**What you need to do:** Every line containing the word "sphere" is to be copied from the data below.

**Dataset items:**
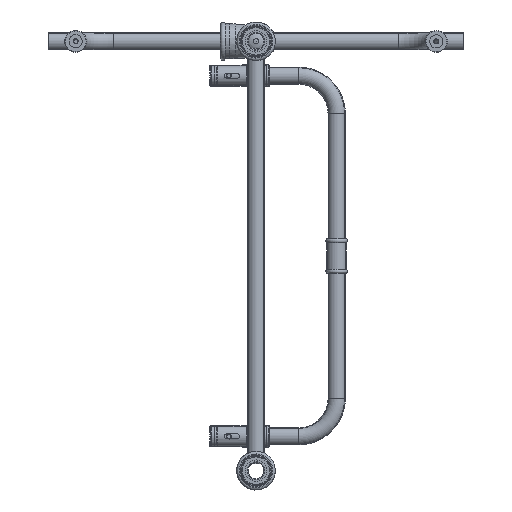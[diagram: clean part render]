
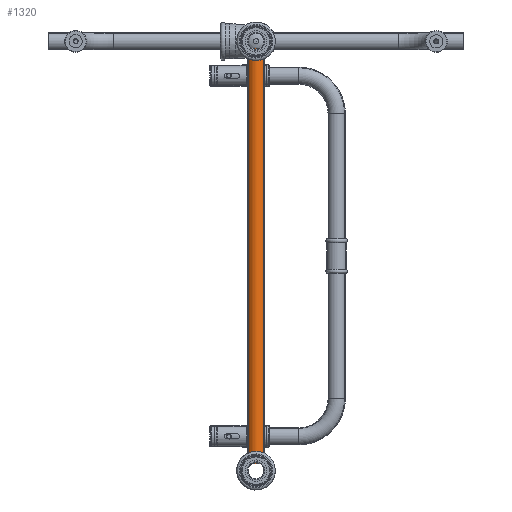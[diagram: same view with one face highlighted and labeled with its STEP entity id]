
A CAD part, front view. The second image highlights one B-rep face of the part: STEP entity #1320.
In plain terms, the highlighted cylindrical face has radius 10 mm (diameter 20 mm), a full revolution.
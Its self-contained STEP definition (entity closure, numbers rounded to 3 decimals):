
#1320 = ADVANCED_FACE( '', ( #2853, #2854 ), #2855, .T. );
#2853 = FACE_OUTER_BOUND( '', #4992, .T. );
#2854 = FACE_OUTER_BOUND( '', #4993, .T. );
#2855 = CYLINDRICAL_SURFACE( '', #4994, 10. );
#4992 = EDGE_LOOP( '', ( #7424 ) );
#4993 = EDGE_LOOP( '', ( #7425 ) );
#4994 = AXIS2_PLACEMENT_3D( '', #7426, #7427, #7428 );
#7424 = ORIENTED_EDGE( '', *, *, #9551, .T. );
#7425 = ORIENTED_EDGE( '', *, *, #9552, .F. );
#7426 = CARTESIAN_POINT( '', ( 242., 0., 0. ) );
#7427 = DIRECTION( '', ( 1., 0., 0. ) );
#7428 = DIRECTION( '', ( 0., 0., 1. ) );
#9551 = EDGE_CURVE( '', #10819, #10819, #10820, .T. );
#9552 = EDGE_CURVE( '', #10821, #10821, #10822, .T. );
#10819 = VERTEX_POINT( '', #21931 );
#10820 = CIRCLE( '', #21932, 10. );
#10821 = VERTEX_POINT( '', #21933 );
#10822 = CIRCLE( '', #21934, 10. );
#21931 = CARTESIAN_POINT( '', ( 242., 10., 0. ) );
#21932 = AXIS2_PLACEMENT_3D( '', #24687, #24688, #24689 );
#21933 = CARTESIAN_POINT( '', ( -242., 10., 0. ) );
#21934 = AXIS2_PLACEMENT_3D( '', #24690, #24691, #24692 );
#24687 = CARTESIAN_POINT( '', ( 242., 0., 0. ) );
#24688 = DIRECTION( '', ( -1., 0., 0. ) );
#24689 = DIRECTION( '', ( 0., 1., 0. ) );
#24690 = CARTESIAN_POINT( '', ( -242., 0., 0. ) );
#24691 = DIRECTION( '', ( -1., 0., 0. ) );
#24692 = DIRECTION( '', ( 0., 1., 0. ) );
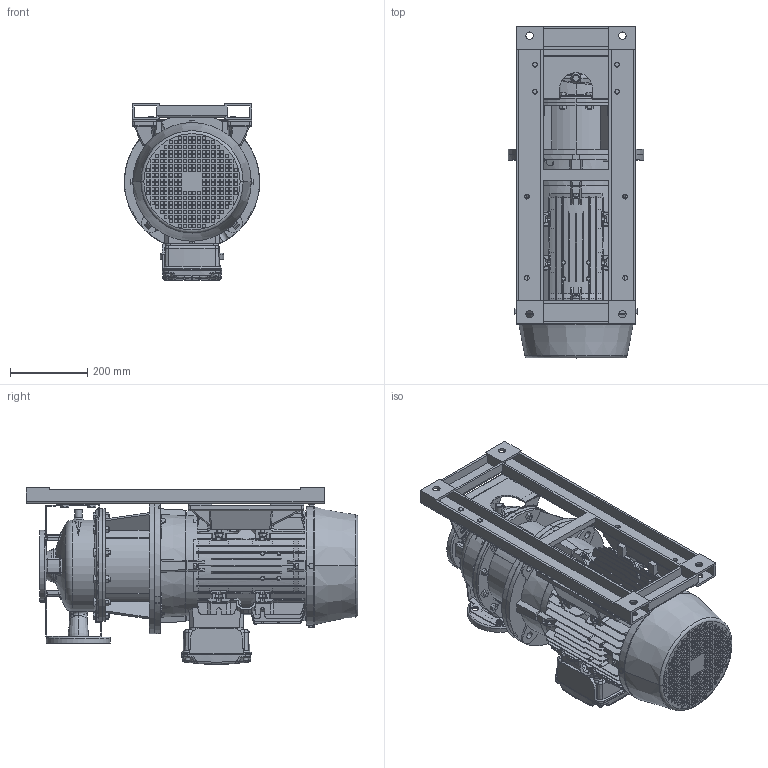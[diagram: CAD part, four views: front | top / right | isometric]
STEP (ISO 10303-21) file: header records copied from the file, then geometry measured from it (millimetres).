
FILE_DESCRIPTION (( 'STEP AP214' ), '1' );
FILE_NAME ('3LS 50-200_11.0 & 15.0_(160ML)_W21.STEP', '2026-09-08T23:30:35', ( '' ), ( '' ), 'SwSTEP 2.0', 'SolidWorks 2024', '' );
FILE_SCHEMA (( 'AUTOMOTIVE_DESIGN' ));
Length unit declared in the file: inch
Products named in the file (3): 160M_L_ALIE3_W21T_B35; 50-200_11; 3LS 50-200_11.0 & 15.0_(160ML)_W21
Assembly tree (2 placements, depth 2):
  3LS 50-200_11.0 & 15.0_(160ML)_W21
    50-200_11
    160M_L_ALIE3_W21T_B35
Bounding box: 350 x 857.3 x 456.5 mm (x, y, z)
Volume: 43874928.9 mm3; surface area: 3537277.8 mm2
Topology: 43 solids, 49 shells, 5574 faces, 14399 edges, 9348 vertices
Faces by surface type: plane 3686, cylinder 885, cone 487, bspline 355, torus 141, sphere 20
Entity records: 198357 total; most frequent: CARTESIAN_POINT 66057, ORIENTED_EDGE 28746, DIRECTION 24832, EDGE_CURVE 14373, VECTOR 9658, LINE 9658, VERTEX_POINT 9346, AXIS2_PLACEMENT_3D 7587
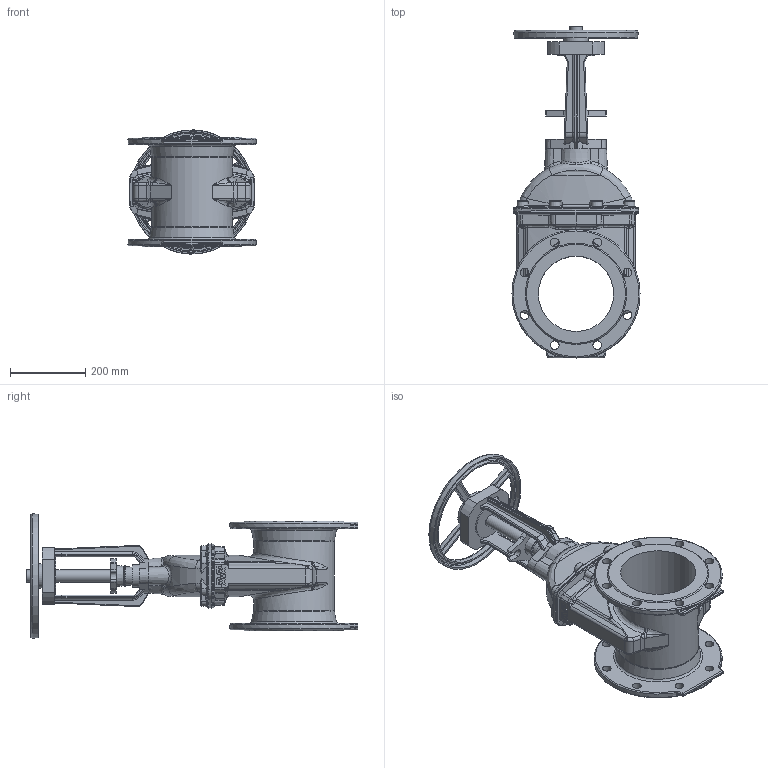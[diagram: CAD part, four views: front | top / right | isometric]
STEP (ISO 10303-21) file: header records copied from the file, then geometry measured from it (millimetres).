
FILE_DESCRIPTION (( 'STEP AP203' ), '1' );
FILE_NAME ('O_21_34_DN200_40XXXXX close_AA0.step', '2020-02-12T09:15:02', ( 'Windows User' ), ( 'AVK' ), 'SwSTEP 2.0', 'SolidWorks 2012', '' );
FILE_SCHEMA (( 'CONFIG_CONTROL_DESIGN' ));
Length unit declared in the file: millimetre
Products named in the file (1): O_21_34_DN200_40XXXXX close_AA0
Bounding box: 340 x 881.37 x 329.91 mm (x, y, z)
Volume: 14585652.9 mm3; surface area: 1214592.4 mm2
Topology: 1 solids, 1 shells, 811 faces, 2084 edges, 1265 vertices
Faces by surface type: cylinder 215, plane 208, bspline 208, cone 100, torus 64, sphere 16
Full cylindrical faces by diameter (mm): 23 x16, 32 x2, 47.9 x1, 54 x1, 60 x1, 65 x1, 100 x1, 105 x1, 200 x1, 214 x1, 340 x2
Entity records: 34423 total; most frequent: CARTESIAN_POINT 17221, ORIENTED_EDGE 3958, DIRECTION 3066, EDGE_CURVE 1979, VERTEX_POINT 1234, AXIS2_PLACEMENT_3D 1207, EDGE_LOOP 921, FACE_OUTER_BOUND 849

**Task answer:**
Faces by surface type: plane 3686, cylinder 885, cone 487, bspline 355, torus 141, sphere 20
Faces by surface type: cylinder 215, plane 208, bspline 208, cone 100, torus 64, sphere 16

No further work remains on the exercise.